Last year at PumpkinFest 6, I met the young musician Elias Khouri.  He and his dad unloaded the car, and he walked over to me to ask where to set up.  He was a bit quiet of demeanor, which set us all up for the big Maggot Brain surprise.  House Of Soul, same location and a few months later at OysterFest , braved the bitter cold and gave us a tremendous closer under the Grays bridge and next to the Homestead tracks.   By the way, HOS is celebrating their 25th year, and there’s a feature on the Timmy Willis Show to celebrate that milestone: 

Fast forward to 2018 and PumpkinFest 7: it was great news to hear that both acts were coming to the same event.  I knew what to expect from the veteran HOS, but Elias has come a long way in the past year.  He’s seventeen now, and he’s done huge crowds, Three Rivers Arts Festival, a Bootsy Collins jam in DC, and more.  The supporting cast is anchored by Dad Khouri on bass, with guests coming and going from event to event.  As a result, the performances can be a little disjointed, but that doesn’t take away from the joy of watching our young man develop.

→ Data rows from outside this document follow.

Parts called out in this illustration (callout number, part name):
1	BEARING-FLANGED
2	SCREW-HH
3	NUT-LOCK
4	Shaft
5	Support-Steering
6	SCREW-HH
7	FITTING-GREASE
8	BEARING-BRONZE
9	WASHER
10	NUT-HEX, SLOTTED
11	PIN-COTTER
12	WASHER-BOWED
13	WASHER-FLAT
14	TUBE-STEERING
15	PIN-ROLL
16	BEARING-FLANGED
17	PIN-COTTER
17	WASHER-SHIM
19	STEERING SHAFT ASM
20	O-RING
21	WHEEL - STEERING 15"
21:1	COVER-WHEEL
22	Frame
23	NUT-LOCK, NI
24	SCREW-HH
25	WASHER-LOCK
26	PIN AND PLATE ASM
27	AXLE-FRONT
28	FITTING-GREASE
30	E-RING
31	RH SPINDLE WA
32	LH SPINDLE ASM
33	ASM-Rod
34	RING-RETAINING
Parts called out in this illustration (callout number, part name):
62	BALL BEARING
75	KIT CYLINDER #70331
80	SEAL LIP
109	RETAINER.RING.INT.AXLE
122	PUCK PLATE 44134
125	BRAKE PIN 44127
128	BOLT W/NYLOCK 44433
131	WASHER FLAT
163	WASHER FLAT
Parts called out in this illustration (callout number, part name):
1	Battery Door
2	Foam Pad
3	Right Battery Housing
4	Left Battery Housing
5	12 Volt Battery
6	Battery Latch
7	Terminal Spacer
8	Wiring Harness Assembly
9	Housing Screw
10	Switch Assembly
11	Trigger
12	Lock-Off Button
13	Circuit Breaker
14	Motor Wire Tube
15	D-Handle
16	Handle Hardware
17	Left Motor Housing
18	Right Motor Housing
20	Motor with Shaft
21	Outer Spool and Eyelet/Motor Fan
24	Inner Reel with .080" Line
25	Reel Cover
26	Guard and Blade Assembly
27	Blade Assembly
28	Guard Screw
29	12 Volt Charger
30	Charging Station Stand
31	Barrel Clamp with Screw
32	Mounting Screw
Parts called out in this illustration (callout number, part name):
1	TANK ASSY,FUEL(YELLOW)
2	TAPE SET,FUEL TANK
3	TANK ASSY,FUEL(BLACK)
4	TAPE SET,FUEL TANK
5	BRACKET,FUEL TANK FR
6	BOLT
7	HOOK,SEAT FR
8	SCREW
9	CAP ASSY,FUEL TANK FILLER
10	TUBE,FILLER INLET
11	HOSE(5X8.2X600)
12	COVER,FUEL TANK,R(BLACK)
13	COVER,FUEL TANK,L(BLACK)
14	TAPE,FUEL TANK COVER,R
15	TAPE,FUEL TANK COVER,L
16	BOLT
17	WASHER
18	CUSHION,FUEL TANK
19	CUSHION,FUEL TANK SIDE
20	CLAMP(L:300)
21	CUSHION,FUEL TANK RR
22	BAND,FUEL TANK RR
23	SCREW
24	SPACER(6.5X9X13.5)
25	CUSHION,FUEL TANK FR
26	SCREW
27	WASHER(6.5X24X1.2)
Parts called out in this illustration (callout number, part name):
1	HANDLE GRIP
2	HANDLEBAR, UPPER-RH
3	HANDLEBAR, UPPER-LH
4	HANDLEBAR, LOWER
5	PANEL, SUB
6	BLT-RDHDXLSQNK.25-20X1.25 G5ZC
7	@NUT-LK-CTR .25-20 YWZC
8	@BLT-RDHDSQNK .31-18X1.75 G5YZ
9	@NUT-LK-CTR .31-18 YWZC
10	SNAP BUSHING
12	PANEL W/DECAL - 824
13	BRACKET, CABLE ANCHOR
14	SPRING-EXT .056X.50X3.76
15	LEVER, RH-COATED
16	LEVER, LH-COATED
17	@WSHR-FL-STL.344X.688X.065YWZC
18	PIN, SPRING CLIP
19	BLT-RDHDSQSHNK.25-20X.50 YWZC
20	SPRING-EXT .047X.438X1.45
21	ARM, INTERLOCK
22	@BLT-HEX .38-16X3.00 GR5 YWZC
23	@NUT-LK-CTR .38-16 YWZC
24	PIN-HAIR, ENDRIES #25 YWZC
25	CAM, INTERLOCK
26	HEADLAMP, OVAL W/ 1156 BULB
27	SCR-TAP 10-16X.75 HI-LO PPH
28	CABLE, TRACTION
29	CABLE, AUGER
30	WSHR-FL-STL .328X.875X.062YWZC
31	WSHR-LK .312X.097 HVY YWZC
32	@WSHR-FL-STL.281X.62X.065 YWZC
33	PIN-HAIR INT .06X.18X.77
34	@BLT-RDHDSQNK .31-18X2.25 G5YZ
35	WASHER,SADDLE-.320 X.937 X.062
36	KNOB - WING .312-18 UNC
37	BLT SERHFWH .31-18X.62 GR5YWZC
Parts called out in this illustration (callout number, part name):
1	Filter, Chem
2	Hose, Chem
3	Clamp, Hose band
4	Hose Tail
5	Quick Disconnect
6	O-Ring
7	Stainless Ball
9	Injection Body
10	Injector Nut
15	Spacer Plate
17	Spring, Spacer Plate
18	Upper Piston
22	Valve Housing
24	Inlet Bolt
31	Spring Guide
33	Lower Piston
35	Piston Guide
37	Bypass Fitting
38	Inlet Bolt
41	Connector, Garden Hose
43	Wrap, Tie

 The EK band showed up this time with not just with the standard power trio, and not just with a horn in support, but with double brass and keys.  On top of that, they added Santana’s Abraxas to the repertoire AND worked through consecutive album tracks.  The veterans who joined EK for the evening, like Hill Jordan, clearly enjoyed supporting him.  Significantly, I have not seen the level of poise in Elias that he brought to PumpkinFest this time.  For comparison, look at the 2017 and 2018 vids I took of him at the festival.  The maturation is obvious.

Elias Khouri, PumpkinFest
2017
Elias Khouri, PumpkinFest 2018

One of the things the concertgoer brain does is jiggle and reassemble personnel to concoct virtual bands: What if she sang with him?, I wish they’d add so-and-so’s sax to the horn section, etc.  In this case, I have been paying attention to the Shaq Nicholson vocalist, Sarah Ann Kirkland, and it would be wonderful to see her sit in with Elias on a song or a set.  The two of them have that cool brown hippie vibe, and it could work.  Maybe “Castles Made of Sand” or something?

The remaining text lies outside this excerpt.